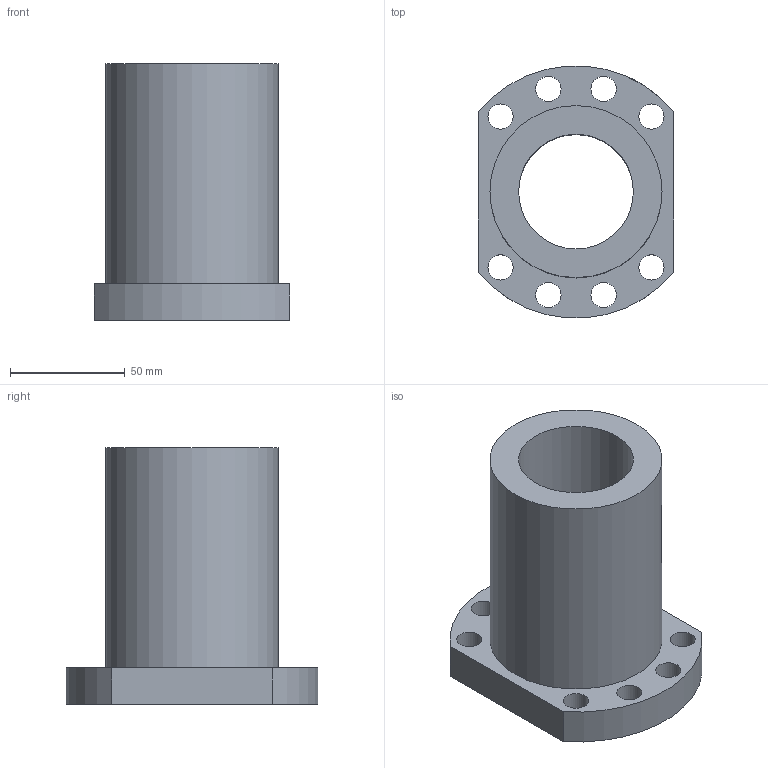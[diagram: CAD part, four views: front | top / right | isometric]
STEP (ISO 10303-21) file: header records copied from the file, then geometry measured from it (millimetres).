
FILE_DESCRIPTION(/* description */ (''),/* implementation_level */ '2;1');
FILE_NAME(/* name */ '50-10T6',/* time_stamp */ '2007-05-17T17:55:37+08:00',/* author */ (''),/* organization */ (''),/* preprocessor_version */ 'ST-DEVELOPER v9',/* originating_system */ 'UGS - NX 4.0',/* authorisation */ '');
FILE_SCHEMA (('CONFIG_CONTROL_DESIGN'));
Length unit declared in the file: millimetre
Products named in the file (1): 50-10T6
Bounding box: 85 x 109.65 x 112 mm (x, y, z)
Volume: 324024.2 mm3; surface area: 61698.2 mm2
Topology: 1 solids, 1 shells, 20 faces, 48 edges, 32 vertices
Faces by surface type: cylinder 14, plane 6
Full cylindrical faces by diameter (mm): 6 x1, 8 x1, 11 x8, 50 x1, 75 x1
Entity records: 774 total; most frequent: CARTESIAN_POINT 203, DIRECTION 102, ORIENTED_EDGE 72, EDGE_LOOP 54, AXIS2_PLACEMENT_3D 47, FACE_BOUND 46, EDGE_CURVE 36, VERTEX_POINT 32

Aim of the task: Give back the entries verbatim but drop every picture.

Result below:
[diagram: CAD part, four views: front | top / right | isometric]
STEP (ISO 10303-21) file: header records copied from the file, then geometry measured from it (millimetres).
FILE_DESCRIPTION(/* description */ (''),/* implementation_level */ '2;1');
FILE_NAME(/* name */ '50-10T6',/* time_stamp */ '2007-05-17T17:55:37+08:00',/* author */ (''),/* organization */ (''),/* preprocessor_version */ 'ST-DEVELOPER v9',/* originating_system */ 'UGS - NX 4.0',/* authorisation */ '');
FILE_SCHEMA (('CONFIG_CONTROL_DESIGN'));
Length unit declared in the file: millimetre
Products named in the file (1): 50-10T6
Bounding box: 85 x 109.65 x 112 mm (x, y, z)
Volume: 324024.2 mm3; surface area: 61698.2 mm2
Topology: 1 solids, 1 shells, 20 faces, 48 edges, 32 vertices
Faces by surface type: cylinder 14, plane 6
Full cylindrical faces by diameter (mm): 6 x1, 8 x1, 11 x8, 50 x1, 75 x1
Entity records: 774 total; most frequent: CARTESIAN_POINT 203, DIRECTION 102, ORIENTED_EDGE 72, EDGE_LOOP 54, AXIS2_PLACEMENT_3D 47, FACE_BOUND 46, EDGE_CURVE 36, VERTEX_POINT 32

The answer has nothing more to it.